[Instructions for the task] Which lines in the records below hold the word "styles"? Copy each of them.

Entries taken from a collection:
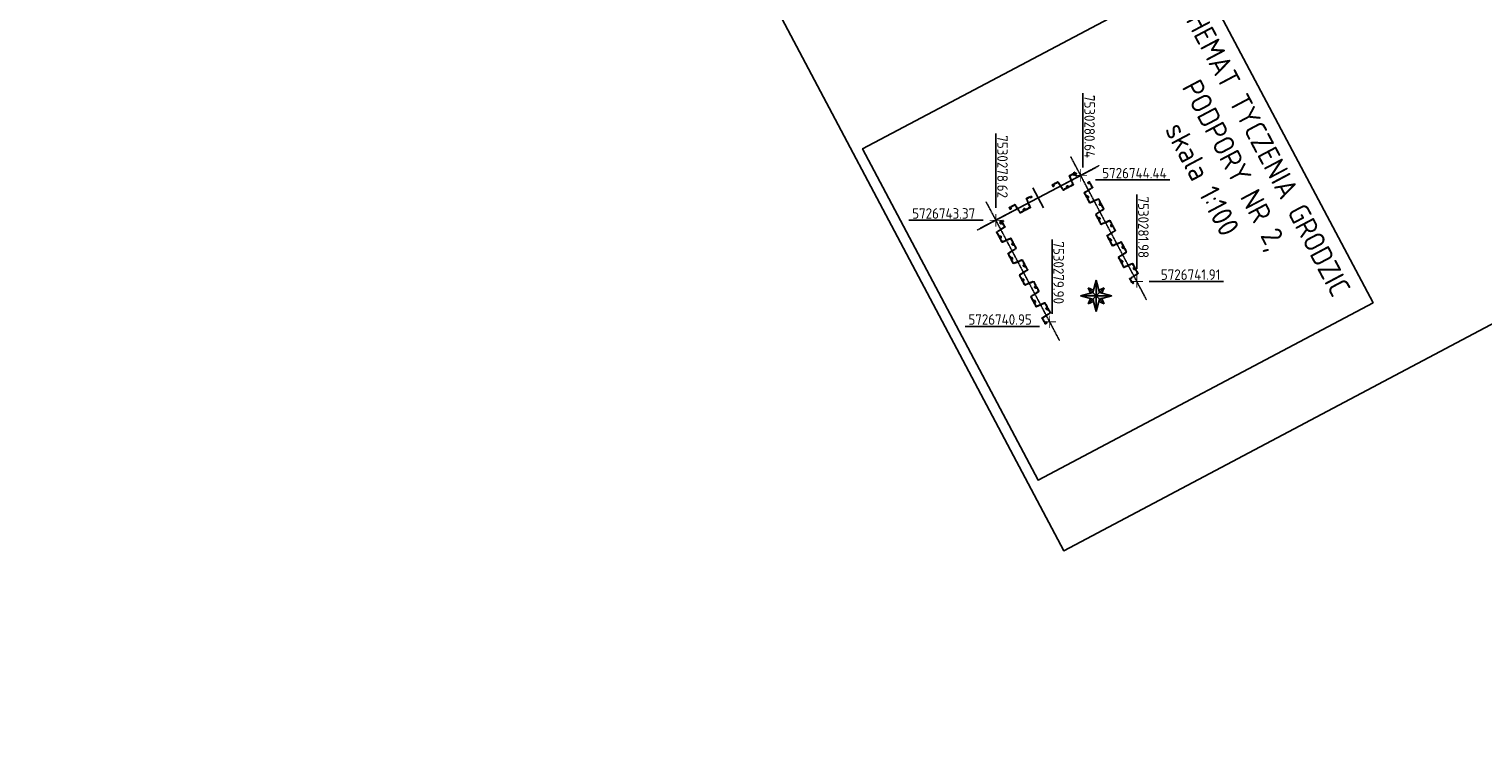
# Model space of a CAD drawing. Header units: millimetres. Extents: x -719417711 to 8331457056, y 1358857702 to 5726797456.
# Tile 41 of 71: x 7530358971 to 7530393651, y 5726571380 to 5726588266. Entities that reach past the tile are written whole.
import ezdxf

# ---------------------------------------------------------------- set-up
doc = ezdxf.new("R2010")
doc.units = ezdxf.units.MM
doc.linetypes.add('mp3', pattern=[6.25, 4.75, -1.5])
doc.linetypes.add('mp7a', pattern=[6.875, 4.75, -0.875, 0.375, -0.875])
for name, color, linetype in [('0 wymiar', 32, 'Continuous'), ('1 cienka', 4, 'Continuous'), ('2 osie 05', 4, 'mp7a'), ('3 przerywana 02', 6, 'mp3'), ('4 opis', 3, 'Continuous'), ('4 średnia', 3, 'Continuous'), ('5 gruba', 7, 'Continuous'), ('5 opis', 7, 'Continuous')]:
    doc.layers.add(name, color=color, linetype=linetype)
doc.layers.add('6 pomoc 01', color=1, linetype='Continuous', plot=False)
doc.layers.add('7 view', color=1, linetype='Continuous', plot=False)
doc.styles.add('M 1_100', font='geniso.shx', dxfattribs={"height": 250})
doc.styles.add('M 1_20', font='geniso.shx', dxfattribs={"height": 50})

# ---------------------------------------------------------------- blocks, each defined once
blk = doc.blocks.new('OG-3.4')
at = {"layer": '4 średnia', "insert": (-1913.05, 762.314), "char_height": 250, "attachment_point": 1, "style": 'M 1_100'}
blk.add_mtext_dynamic_manual_height_columns('\\pi1452.3;{\\LOG-3.4 \\P\\pi796.13;}(107,20 m n.p.m.)', width=3854.57291, gutter_width=1250, heights=[0], dxfattribs=at)
blk = doc.blocks.new('OG-3.5b')
at = {"layer": '4 średnia', "insert": (-1913.05, 762.314), "char_height": 250, "attachment_point": 1, "style": 'M 1_100'}
blk.add_mtext_dynamic_manual_height_columns('\\pi1372.8;{\\LOG-3.5b \\P\\pi796.13;}(107,00 m n.p.m.)', width=3854.57291, gutter_width=1250, heights=[0], dxfattribs=at)
blk = doc.blocks.new('OG-3.5a')
at = {"layer": '4 średnia', "insert": (-1913.05, 762.314), "char_height": 250, "attachment_point": 1, "style": 'M 1_100'}
blk.add_mtext_dynamic_manual_height_columns('\\pi1372.8;{\\LOG-3.5a \\P\\pi796.13;}(107,30 m n.p.m.)', width=3854.57291, gutter_width=1250, heights=[0], dxfattribs=at)
blk = doc.blocks.new('A$C67C76F72')
at = {"linetype": 'ByBlock'}
blk.add_lwpolyline([(7, -57), (15, -57, 0.955033), (16, -48), (12, -48, -0.326454), (11, -46), (11, -5, -0.394812), (12, -4), (26, -4, -0.302776), (27, -4), (26, -12, 0.134248), (26, -13, 0.201466), (26, -13, 0.112644), (26, -13, -0.000989), (27, -13), (33, -12, 0.229368), (34, -12), (34, 0), (34, 12, 0.229368), (33, 12), (27, 13, -0.000989), (26, 13, 0.112644), (26, 13, 0.201466), (26, 13, 0.134248), (26, 11), (27, 4, -0.302776), (26, 3), (12, 3, -0.394812), (11, 5), (14, 36), (14, 39, 0.414214), (12, 40), (1, 40, 0.414214), (1, 39), (1, 34, 0.223033), (1, 33, 0.175013), (3, 33, -0.100944), (7, 34, -0.381837), (8, 33, -0.027955), (8, 32, -0.05302), (6, 21), (-17, 21, -0.348414), (-17, 22), (-18, 33, -0.376704), (-18, 34, -0.073947), (-17, 34, -0.038016), (-14, 33, 0.131421), (-12, 33, 0.377231), (-12, 34), (-12, 39, 0.302776), (-12, 40), (-23, 40, 0.166667), (-24, 39), (-24, 37), (-22, 21, -0.256842), (-23, 17, 0.099871), (-27, 10), (-27, 8, 0.35843), (-25, 6), (-18, 6, 0.297635), (-17, 8, -0.264227), (-14, 13, -0.276596), (-4, 13, -0.26364), (0, 6), (0, -6, -0.217098), (-5, -14, -0.256723), (-11, -14, -0.081018), (-15, -11, -0.205831), (-17, -8, 0.382065), (-19, -6), (-25, -6, 0.487204), (-26, -12, 0.376288), (-3, -23, -0.190051), (0, -23, -0.325184), (2, -25), (2, -46, -0.326454), (1, -48), (-3, -48, 0.955033), (-2, -57), (6, -57)], format="xyb", dxfattribs=at)
blk = doc.blocks.new('A$C4C506A5B')
at = {"elevation": 0}
for points in [[(-2702, 1232, -0.33472), (-2677, 1252), (-2671, 1252, -0.413817), (-2669, 1250), (-2669, 1249, 0.414214), (-2667, 1247), (-2659, 1247, 0.414214), (-2657, 1249), (-2657, 1250, -0.413817), (-2655, 1252), (-2629, 1252, -0.413817), (-2627, 1250), (-2627, 1249, 0.414214), (-2625, 1247), (-2617, 1247, 0.414214), (-2615, 1249), (-2615, 1250, -0.413817), (-2613, 1252), (-2589, 1252, -0.388899), (-2585, 1248), (-2566, 1027, 0.388899), (-2562, 1023), (-2456, 1023, 0.414214), (-2452, 1027), (-2452, 1034), (-2452, 1041, -0.414214), (-2450, 1043), (-2438, 1043, -0.414214), (-2437, 1042), (-2437, 1042), (-2437, 1039, 0.255924), (-2436, 1038, 0.292221), (-2427, 1038, 0.255924), (-2426, 1039), (-2426, 1058, 0.255924), (-2427, 1059, 0.292221), (-2436, 1059, 0.255924), (-2437, 1058), (-2437, 1055), (-2437, 1055, -0.414214), (-2438, 1054), (-2450, 1054, -0.414214), (-2452, 1056), (-2452, 1059, 0.414214), (-2454, 1061), (-2461, 1061, 0.414214), (-2463, 1059), (-2463, 1054), (-2463, 1036, -0.414214), (-2465, 1034), (-2482, 1034, -0.414214), (-2484, 1036), (-2484, 1037, 0.414214), (-2486, 1039), (-2494, 1039, 0.414214), (-2496, 1037), (-2496, 1036, -0.414214), (-2498, 1034), (-2513, 1034, -0.414214), (-2515, 1036), (-2515, 1037, 0.414214), (-2517, 1039), (-2525, 1039, 0.414214), (-2527, 1037), (-2527, 1036, -0.414214), (-2529, 1034), (-2552, 1034, -0.388899), (-2556, 1038), (-2575, 1259, 0.388899), (-2579, 1263), (-2677, 1263, 0.173916), (-2701, 1254, -0.453396), (-2705, 1254, 0.658512), (-2741, 1248, 0.483077), (-2738, 1244), (-2732, 1244, 0.338563), (-2730, 1246, -0.875564), (-2713, 1243), (-2713, 1231, -0.875564), (-2730, 1229, 0.338563), (-2732, 1231), (-2738, 1231, 0.483077), (-2741, 1227, 0.88603), (-2702, 1231)], [(-2411, 1055, 0.88603), (-2450, 1059, 0.483077), (-2447, 1055), (-2441, 1055, 0.338563), (-2439, 1057, -0.875564), (-2422, 1054), (-2422, 1042, -0.875564), (-2439, 1040, 0.338563), (-2441, 1042), (-2447, 1042, 0.483077), (-2450, 1038, 0.658512), (-2415, 1032, -0.453396), (-2410, 1032, 0.173916), (-2386, 1023), (-2288, 1023, 0.388899), (-2284, 1027), (-2265, 1248, -0.388899), (-2261, 1252), (-2238, 1252, -0.414214), (-2236, 1250), (-2236, 1249, 0.414214), (-2234, 1247), (-2226, 1247, 0.414214), (-2224, 1249), (-2224, 1250, -0.414214), (-2222, 1252), (-2207, 1252, -0.414214), (-2205, 1250), (-2205, 1249, 0.414214), (-2203, 1247), (-2195, 1247, 0.414214), (-2193, 1249), (-2193, 1250, -0.414214), (-2191, 1252), (-2174, 1252, -0.414214), (-2172, 1250), (-2172, 1232), (-2172, 1226, 0.414214), (-2170, 1224), (-2163, 1224, 0.414214), (-2161, 1226), (-2161, 1230, -0.414214), (-2159, 1232), (-2147, 1232, -0.414214), (-2146, 1231), (-2146, 1231), (-2146, 1228, 0.255924), (-2145, 1227, 0.292221), (-2136, 1227, 0.255924), (-2135, 1228), (-2135, 1247, 0.255924), (-2136, 1248, 0.292221), (-2145, 1248, 0.255924), (-2146, 1247), (-2146, 1244), (-2146, 1244, -0.414214), (-2147, 1243), (-2159, 1243, -0.414214), (-2161, 1245), (-2161, 1252), (-2161, 1259, 0.414214), (-2165, 1263), (-2271, 1263, 0.388899), (-2275, 1259), (-2295, 1038, -0.388899), (-2299, 1034), (-2323, 1034, -0.413817), (-2325, 1036), (-2325, 1037, 0.414214), (-2327, 1039), (-2335, 1039, 0.414214), (-2337, 1037), (-2337, 1036, -0.413817), (-2338, 1034), (-2365, 1034, -0.413817), (-2367, 1036), (-2367, 1037, 0.414214), (-2369, 1039), (-2377, 1039, 0.414214), (-2379, 1037), (-2379, 1036, -0.413817), (-2380, 1034), (-2386, 1034, -0.33472), (-2411, 1054)], [(-2121, 1232, -0.33472), (-2096, 1252), (-2090, 1252, -0.413817), (-2089, 1250), (-2089, 1249, 0.414214), (-2087, 1247), (-2079, 1247, 0.414214), (-2077, 1249), (-2077, 1250, -0.413817), (-2075, 1252), (-2048, 1252, -0.413817), (-2047, 1250), (-2047, 1249, 0.414214), (-2045, 1247), (-2037, 1247, 0.414214), (-2035, 1249), (-2035, 1250, -0.413817), (-2033, 1252), (-2009, 1252, -0.388899), (-2005, 1248), (-1985, 1027, 0.388899), (-1981, 1023), (-1875, 1023, 0.414214), (-1871, 1027), (-1871, 1034), (-1871, 1041, -0.414214), (-1869, 1043), (-1857, 1043, -0.414214), (-1856, 1042), (-1856, 1042), (-1856, 1039, 0.255924), (-1855, 1038, 0.292221), (-1846, 1038, 0.255924), (-1845, 1039), (-1845, 1058, 0.255924), (-1846, 1059, 0.292221), (-1855, 1059, 0.255924), (-1856, 1058), (-1856, 1055), (-1856, 1055, -0.414214), (-1857, 1054), (-1869, 1054, -0.414214), (-1871, 1056), (-1871, 1059, 0.414214), (-1873, 1061), (-1880, 1061, 0.414214), (-1882, 1059), (-1882, 1054), (-1882, 1036, -0.414214), (-1884, 1034), (-1901, 1034, -0.414214), (-1903, 1036), (-1903, 1037, 0.414214), (-1905, 1039), (-1913, 1039, 0.414214), (-1915, 1037), (-1915, 1036, -0.414214), (-1917, 1034), (-1932, 1034, -0.414214), (-1934, 1036), (-1934, 1037, 0.414214), (-1936, 1039), (-1944, 1039, 0.414214), (-1946, 1037), (-1946, 1036, -0.414214), (-1948, 1034), (-1971, 1034, -0.388899), (-1975, 1038), (-1994, 1259, 0.388899), (-1998, 1263), (-2096, 1263, 0.173916), (-2120, 1254, -0.453396), (-2125, 1254, 0.658512), (-2160, 1248, 0.483077), (-2157, 1244), (-2151, 1244, 0.338563), (-2149, 1246, -0.875564), (-2132, 1243), (-2132, 1231, -0.875564), (-2149, 1229, 0.338563), (-2151, 1231), (-2157, 1231, 0.483077), (-2160, 1227, 0.88603), (-2121, 1231)], [(-1831, 1055, 0.88603), (-1869, 1059, 0.483077), (-1866, 1055), (-1861, 1055, 0.338563), (-1859, 1057, -0.875564), (-1842, 1054), (-1842, 1042, -0.875564), (-1859, 1040, 0.338563), (-1861, 1042), (-1866, 1042, 0.483077), (-1869, 1038, 0.658512), (-1834, 1032, -0.453396), (-1830, 1032, 0.173916), (-1806, 1023), (-1708, 1023, 0.388899), (-1704, 1027), (-1685, 1248, -0.388899), (-1681, 1252), (-1658, 1252, -0.414214), (-1656, 1250), (-1656, 1249, 0.414214), (-1654, 1247), (-1646, 1247, 0.414214), (-1644, 1249), (-1644, 1250, -0.414214), (-1642, 1252), (-1627, 1252, -0.414214), (-1625, 1250), (-1625, 1249, 0.414214), (-1623, 1247), (-1615, 1247, 0.414214), (-1613, 1249), (-1613, 1250, -0.414214), (-1611, 1252), (-1594, 1252, -0.414214), (-1592, 1250), (-1592, 1232), (-1592, 1226, 0.414214), (-1590, 1224), (-1583, 1224, 0.414214), (-1581, 1226), (-1581, 1230, -0.414214), (-1579, 1232), (-1567, 1232, -0.414214), (-1566, 1231), (-1566, 1231), (-1566, 1228, 0.255924), (-1565, 1227, 0.292221), (-1556, 1227, 0.255924), (-1555, 1228), (-1555, 1247, 0.255924), (-1556, 1248, 0.292221), (-1565, 1248, 0.255924), (-1566, 1247), (-1566, 1244), (-1566, 1244, -0.414214), (-1567, 1243), (-1579, 1243, -0.414214), (-1581, 1245), (-1581, 1252), (-1581, 1259, 0.414214), (-1585, 1263), (-1691, 1263, 0.388899), (-1695, 1259), (-1714, 1038, -0.388899), (-1718, 1034), (-1742, 1034, -0.413817), (-1744, 1036), (-1744, 1037, 0.414214), (-1746, 1039), (-1754, 1039, 0.414214), (-1756, 1037), (-1756, 1036, -0.413817), (-1758, 1034), (-1784, 1034, -0.413817), (-1786, 1036), (-1786, 1037, 0.414214), (-1788, 1039), (-1796, 1039, 0.414214), (-1798, 1037), (-1798, 1036, -0.413817), (-1800, 1034), (-1805, 1034, -0.33472), (-1831, 1054)], [(-1541, 1232, -0.33472), (-1515, 1252), (-1510, 1252, -0.413817), (-1508, 1250), (-1508, 1249, 0.414214), (-1506, 1247), (-1498, 1247, 0.414214), (-1496, 1249), (-1496, 1250, -0.413817), (-1494, 1252), (-1468, 1252, -0.413817), (-1466, 1250), (-1466, 1249, 0.414214), (-1464, 1247), (-1456, 1247, 0.414214), (-1454, 1249), (-1454, 1250, -0.413817), (-1452, 1252), (-1428, 1252, -0.388899), (-1424, 1248), (-1405, 1027, 0.388899), (-1401, 1023), (-1295, 1023, 0.414214), (-1291, 1027), (-1291, 1034), (-1291, 1041, -0.414214), (-1289, 1043), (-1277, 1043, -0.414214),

[Result of the task]
doc.styles.add('M 1_100', font='geniso.shx', dxfattribs={"height": 250})
doc.styles.add('M 1_20', font='geniso.shx', dxfattribs={"height": 50})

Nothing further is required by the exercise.